-- Work to be completed --
Only one stretch of the data below is wanted: the lines starting at the one with "Length unit declared in the file: millimetre" and ending at the one with "Volume: 66570 mm3; surface area: 72919.3 mm2", both included, given again exactly.

*** Opening Material for this exercise ***

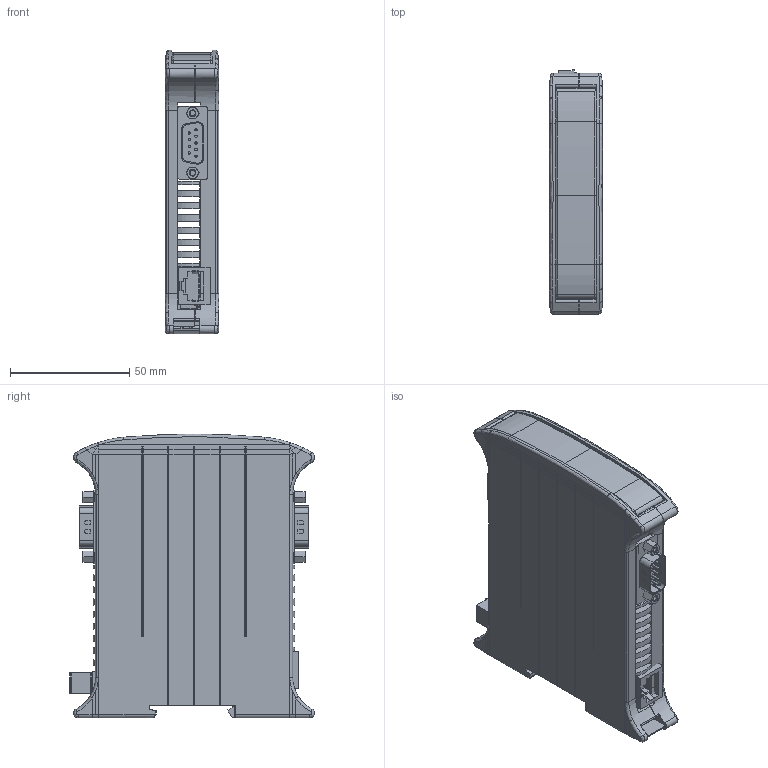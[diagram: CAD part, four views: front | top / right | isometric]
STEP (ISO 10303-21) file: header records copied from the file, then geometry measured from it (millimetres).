
FILE_DESCRIPTION(('FreeCAD Model'),'2;1');
FILE_NAME('C:/Users/henrik/Desktop/proconx_x100-can.step', '2018-10-17T09:55:03',('Author'),(''), 'Open CASCADE STEP processor 6.8','FreeCAD','Unknown');
FILE_SCHEMA(('AUTOMOTIVE_DESIGN_CC2 { 1 2 10303 214 -1 1 5 4 }'));
Length unit declared in the file: millimetre
Products named in the file (14): ASSEMBLY; 65612_1; 65612_5; 65612_4; 65612_2; 65612_3; RJ45; DSUB9-RS232-1; DSUB9-CAN; 65612_009; mc_1.5-2-g-3.81; MC_1.5-2-ST-3.81; Pocket; Pocket001
Assembly tree (13 placements, depth 2):
  ASSEMBLY
    65612_1
    65612_5
    65612_4
    65612_2
    65612_3
    RJ45
    DSUB9-RS232-1
    DSUB9-CAN
    65612_009
    mc_1.5-2-g-3.81
    MC_1.5-2-ST-3.81
    Pocket
    Pocket001
Bounding box: 22.5 x 102.71 x 119.08 mm (x, y, z)
Volume: 66570 mm3; surface area: 72919.3 mm2
Topology: 13 solids, 13 shells, 1983 faces, 5225 edges, 3325 vertices
Faces by surface type: plane 1134, cylinder 587, torus 85, bspline 79, cone 60, sphere 38
Entity records: 234709 total; most frequent: CARTESIAN_POINT 129761, DIRECTION 15741, ORIENTED_EDGE 10386, PCURVE 10386, DEFINITIONAL_REPRESENTATION 10386, LINE 9090, VECTOR 9090, EDGE_CURVE 5193

*** Closing Material for this exercise ***

-- Output --
Length unit declared in the file: millimetre
Products named in the file (14): ASSEMBLY; 65612_1; 65612_5; 65612_4; 65612_2; 65612_3; RJ45; DSUB9-RS232-1; DSUB9-CAN; 65612_009; mc_1.5-2-g-3.81; MC_1.5-2-ST-3.81; Pocket; Pocket001
Assembly tree (13 placements, depth 2):
  ASSEMBLY
    65612_1
    65612_5
    65612_4
    65612_2
    65612_3
    RJ45
    DSUB9-RS232-1
    DSUB9-CAN
    65612_009
    mc_1.5-2-g-3.81
    MC_1.5-2-ST-3.81
    Pocket
    Pocket001
Bounding box: 22.5 x 102.71 x 119.08 mm (x, y, z)
Volume: 66570 mm3; surface area: 72919.3 mm2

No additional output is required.